§ Directions:
For each line below that contains the word "save", return that line.

§ Data listing:
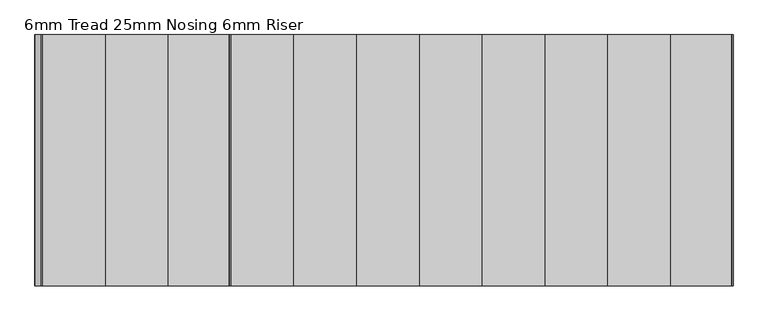
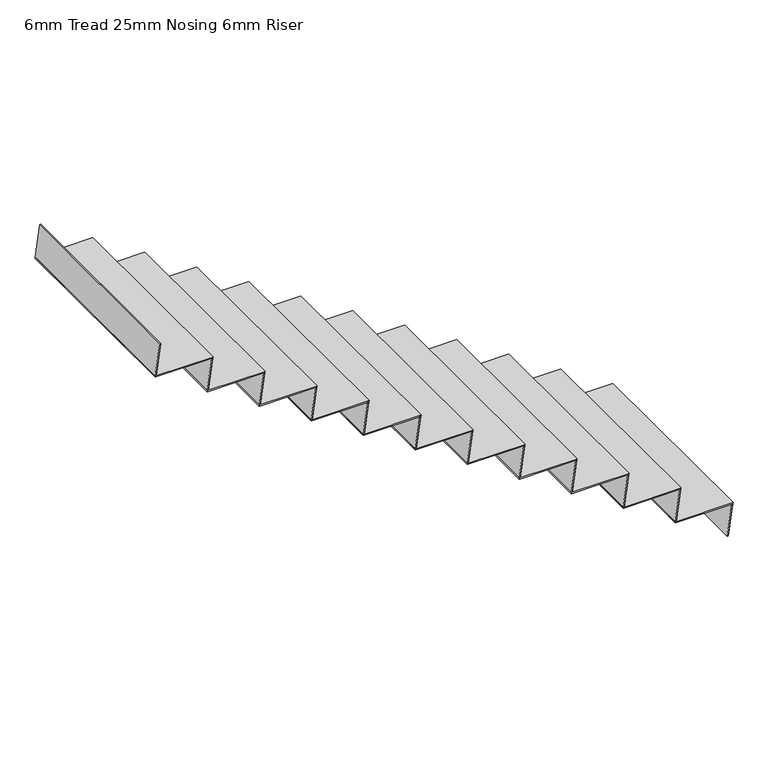
"""IFC4 building model written with IfcOpenShell, lengths in millimetres: stair flight geometry, 6mm Tread 25mm Nosing 6mm Riser."""

from ifc_helpers import new_model, si_unit, frame, origin, place, context, project, spatial, polyline, outline, extrude, source, transform, mapped, element, save


def stair_flight_6mm_tread_25mm_nosing_6mm_riser_325804f1(model_context):
    return source(origin(), model_context, "Body", "SweptSolid", [
        extrude(outline(polyline([(2133.3333333, 16350.0), (2133.3333333, 16043.9409643), (2127.3333333, 16043.0972143), (2127.3333333, 16349.15625), (2133.3333333, 16350.0)])), frame((0.0, 12030.4345331, 0.0), z_axis=(0.0, 1.0, 0.0), x_axis=(0.0, 0.0, 1.0)), (0.0, 0.0, 1.0), 1100.0),
        extrude(outline(polyline([(2127.3333333, 16349.15625), (2127.3333333, 16343.0972143), (1955.5555556, 16318.9409643), (1955.5555556, 16325.0), (2127.3333333, 16349.15625)])), frame((0.0, 12030.4345331, 0.0), z_axis=(0.0, 1.0, 0.0), x_axis=(0.0, 0.0, 1.0)), (0.0, 0.0, 1.0), 1100.0),
        extrude(outline(polyline([(2305.1111111, 16074.15625), (2305.1111111, 16068.0972143), (2133.3333333, 16043.9409643), (2133.3333333, 16050.0), (2305.1111111, 16074.15625)])), frame((0.0, 12030.4345331, 0.0), z_axis=(0.0, 1.0, 0.0), x_axis=(0.0, 0.0, 1.0)), (0.0, 0.0, 1.0), 1100.0),
        extrude(outline(polyline([(2311.1111111, 16075.0), (2311.1111111, 15768.9409643), (2305.1111111, 15768.0972143), (2305.1111111, 16074.15625), (2311.1111111, 16075.0)])), frame((0.0, 12030.4345331, 0.0), z_axis=(0.0, 1.0, 0.0), x_axis=(0.0, 0.0, 1.0)), (0.0, 0.0, 1.0), 1100.0),
        extrude(outline(polyline([(2482.8888889, 15799.15625), (2482.8888889, 15793.0972143), (2311.1111111, 15768.9409643), (2311.1111111, 15775.0), (2482.8888889, 15799.15625)])), frame((0.0, 12030.4345331, 0.0), z_axis=(0.0, 1.0, 0.0), x_axis=(0.0, 0.0, 1.0)), (0.0, 0.0, 1.0), 1100.0),
        extrude(outline(polyline([(2488.8888889, 15800.0), (2488.8888889, 15493.9409643), (2482.8888889, 15493.0972143), (2482.8888889, 15799.15625), (2488.8888889, 15800.0)])), frame((0.0, 12030.4345331, 0.0), z_axis=(0.0, 1.0, 0.0), x_axis=(0.0, 0.0, 1.0)), (0.0, 0.0, 1.0), 1100.0),
        extrude(outline(polyline([(2660.6666667, 15524.15625), (2660.6666667, 15518.0972143), (2488.8888889, 15493.9409643), (2488.8888889, 15500.0), (2660.6666667, 15524.15625)])), frame((0.0, 12030.4345331, 0.0), z_axis=(0.0, 1.0, 0.0), x_axis=(0.0, 0.0, 1.0)), (0.0, 0.0, 1.0), 1100.0),
        extrude(outline(polyline([(2666.6666667, 15525.0), (2666.6666667, 15218.9409643), (2660.6666667, 15218.0972143), (2660.6666667, 15524.15625), (2666.6666667, 15525.0)])), frame((0.0, 12030.4345331, 0.0), z_axis=(0.0, 1.0, 0.0), x_axis=(0.0, 0.0, 1.0)), (0.0, 0.0, 1.0), 1100.0),
        extrude(outline(polyline([(2838.4444444, 15249.15625), (2838.4444444, 15243.0972143), (2666.6666667, 15218.9409643), (2666.6666667, 15225.0), (2838.4444444, 15249.15625)])), frame((0.0, 12030.4345331, 0.0), z_axis=(0.0, 1.0, 0.0), x_axis=(0.0, 0.0, 1.0)), (0.0, 0.0, 1.0), 1100.0),
        extrude(outline(polyline([(2844.4444444, 15250.0), (2844.4444444, 14943.9409643), (2838.4444444, 14943.0972143), (2838.4444444, 15249.15625), (2844.4444444, 15250.0)])), frame((0.0, 12030.4345331, 0.0), z_axis=(0.0, 1.0, 0.0), x_axis=(0.0, 0.0, 1.0)), (0.0, 0.0, 1.0), 1100.0),
        extrude(outline(polyline([(3016.2222222, 14974.15625), (3016.2222222, 14968.0972143), (2844.4444444, 14943.9409643), (2844.4444444, 14950.0), (3016.2222222, 14974.15625)])), frame((0.0, 12030.4345331, 0.0), z_axis=(0.0, 1.0, 0.0), x_axis=(0.0, 0.0, 1.0)), (0.0, 0.0, 1.0), 1100.0),
        extrude(outline(polyline([(3022.2222222, 14975.0), (3022.2222222, 14668.9409643), (3016.2222222, 14668.0972143), (3016.2222222, 14974.15625), (3022.2222222, 14975.0)])), frame((0.0, 12030.4345331, 0.0), z_axis=(0.0, 1.0, 0.0), x_axis=(0.0, 0.0, 1.0)), (0.0, 0.0, 1.0), 1100.0),
        extrude(outline(polyline([(3194.0, 14699.15625), (3194.0, 14693.0972143), (3022.2222222, 14668.9409643), (3022.2222222, 14675.0), (3194.0, 14699.15625)])), frame((0.0, 12030.4345331, 0.0), z_axis=(0.0, 1.0, 0.0), x_axis=(0.0, 0.0, 1.0)), (0.0, 0.0, 1.0), 1100.0),
        extrude(outline(polyline([(3200.0, 14700.0), (3200.0, 14393.9409643), (3194.0, 14393.0972143), (3194.0, 14699.15625), (3200.0, 14700.0)])), frame((0.0, 12030.4345331, 0.0), z_axis=(0.0, 1.0, 0.0), x_axis=(0.0, 0.0, 1.0)), (0.0, 0.0, 1.0), 1100.0),
        extrude(outline(polyline([(3371.7777778, 14424.15625), (3371.7777778, 14418.0972143), (3200.0, 14393.9409643), (3200.0, 14400.0), (3371.7777778, 14424.15625)])), frame((0.0, 12030.4345331, 0.0), z_axis=(0.0, 1.0, 0.0), x_axis=(0.0, 0.0, 1.0)), (0.0, 0.0, 1.0), 1100.0),
        extrude(outline(polyline([(3377.7777778, 14425.0), (3377.7777778, 14118.9409643), (3371.7777778, 14118.0972143), (3371.7777778, 14424.15625), (3377.7777778, 14425.0)])), frame((0.0, 12030.4345331, 0.0), z_axis=(0.0, 1.0, 0.0), x_axis=(0.0, 0.0, 1.0)), (0.0, 0.0, 1.0), 1100.0),
        extrude(outline(polyline([(3549.5555556, 14149.15625), (3549.5555556, 14143.0972143), (3377.7777778, 14118.9409643), (3377.7777778, 14125.0), (3549.5555556, 14149.15625)])), frame((0.0, 12030.4345331, 0.0), z_axis=(0.0, 1.0, 0.0), x_axis=(0.0, 0.0, 1.0)), (0.0, 0.0, 1.0), 1100.0),
        extrude(outline(polyline([(3555.5555556, 14150.0), (3555.5555556, 13843.9409643), (3549.5555556, 13843.0972143), (3549.5555556, 14149.15625), (3555.5555556, 14150.0)])), frame((0.0, 12030.4345331, 0.0), z_axis=(0.0, 1.0, 0.0), x_axis=(0.0, 0.0, 1.0)), (0.0, 0.0, 1.0), 1100.0),
        extrude(outline(polyline([(3727.3333333, 13874.15625), (3727.3333333, 13868.0972143), (3555.5555556, 13843.9409643), (3555.5555556, 13850.0), (3727.3333333, 13874.15625)])), frame((0.0, 12030.4345331, 0.0), z_axis=(0.0, 1.0, 0.0), x_axis=(0.0, 0.0, 1.0)), (0.0, 0.0, 1.0), 1100.0),
        extrude(outline(polyline([(3733.3333333, 13875.0), (3733.3333333, 13568.9409643), (3727.3333333, 13568.0972143), (3727.3333333, 13874.15625), (3733.3333333, 13875.0)])), frame((0.0, 12030.4345331, 0.0), z_axis=(0.0, 1.0, 0.0), x_axis=(0.0, 0.0, 1.0)), (0.0, 0.0, 1.0), 1100.0),
        extrude(outline(polyline([(3905.1111111, 13599.15625), (3905.1111111, 13593.0972143), (3733.3333333, 13568.9409643), (3733.3333333, 13575.0), (3905.1111111, 13599.15625)])), frame((0.0, 12030.4345331, 0.0), z_axis=(0.0, 1.0, 0.0), x_axis=(0.0, 0.0, 1.0)), (0.0, 0.0, 1.0), 1100.0),
        extrude(outline(polyline([(4082.8888889, 13324.15625), (4082.8888889, 13318.0972143), (3911.1111111, 13293.9409643), (3911.1111111, 13300.0), (4082.8888889, 13324.15625)])), frame((0.0, 12030.4345331, 0.0), z_axis=(0.0, 1.0, 0.0), x_axis=(0.0, 0.0, 1.0)), (0.0, 0.0, 1.0), 1100.0),
        extrude(outline(polyline([(3911.1111111, 13600.0), (3911.1111111, 13293.9409643), (3905.1111111, 13293.0972143), (3905.1111111, 13599.15625), (3911.1111111, 13600.0)])), frame((0.0, 12030.4345331, 0.0), z_axis=(0.0, 1.0, 0.0), x_axis=(0.0, 0.0, 1.0)), (0.0, 0.0, 1.0), 1100.0),
    ])


if __name__ == "__main__":
    model = new_model("IFC4")
    model_context = context("Model", 3, world=origin())
    ifc_project = project(units=[si_unit("LENGTHUNIT", "METRE", prefix="MILLI")], contexts=[model_context])
    site = spatial("IfcSite", under=ifc_project)
    building = spatial("IfcBuilding", under=site)
    placement = place(None, origin())
    stair_flight_6mm_tread_25mm_nosing_6mm_riser_shape = stair_flight_6mm_tread_25mm_nosing_6mm_riser_325804f1(model_context)
    element("IfcStairFlight", 1, ObjectType="6mm Tread 25mm Nosing 6mm Riser", at=placement, inside=building, context=model_context, shape_type="MappedRepresentation", body=[
        mapped(stair_flight_6mm_tread_25mm_nosing_6mm_riser_shape, transform((0.0, 0.0, 0.0), x_axis=(1.0, 0.0, 0.0), y_axis=(0.0, 1.0, 0.0), z_axis=(0.0, 0.0, 1.0))),
    ])
    save(model, "model.ifc")

# Revit data of these elements
# Element 1 (IfcStairFlight, "6mm Tread 25mm Nosing 6mm Riser")
#   Materials on its faces: "Steel, Paint Finish, Dark Gray"
# Materials
#   "Steel, Paint Finish, Dark Gray": class "Metal", colour RGB 89 89 89, transparency 0, Description = "Steel, paint finish, dark gray, glossy", Cost = 0

§ Written solution:
from ifc_helpers import new_model, si_unit, frame, origin, place, context, project, spatial, polyline, outline, extrude, source, transform, mapped, element, save
    save(model, "model.ifc")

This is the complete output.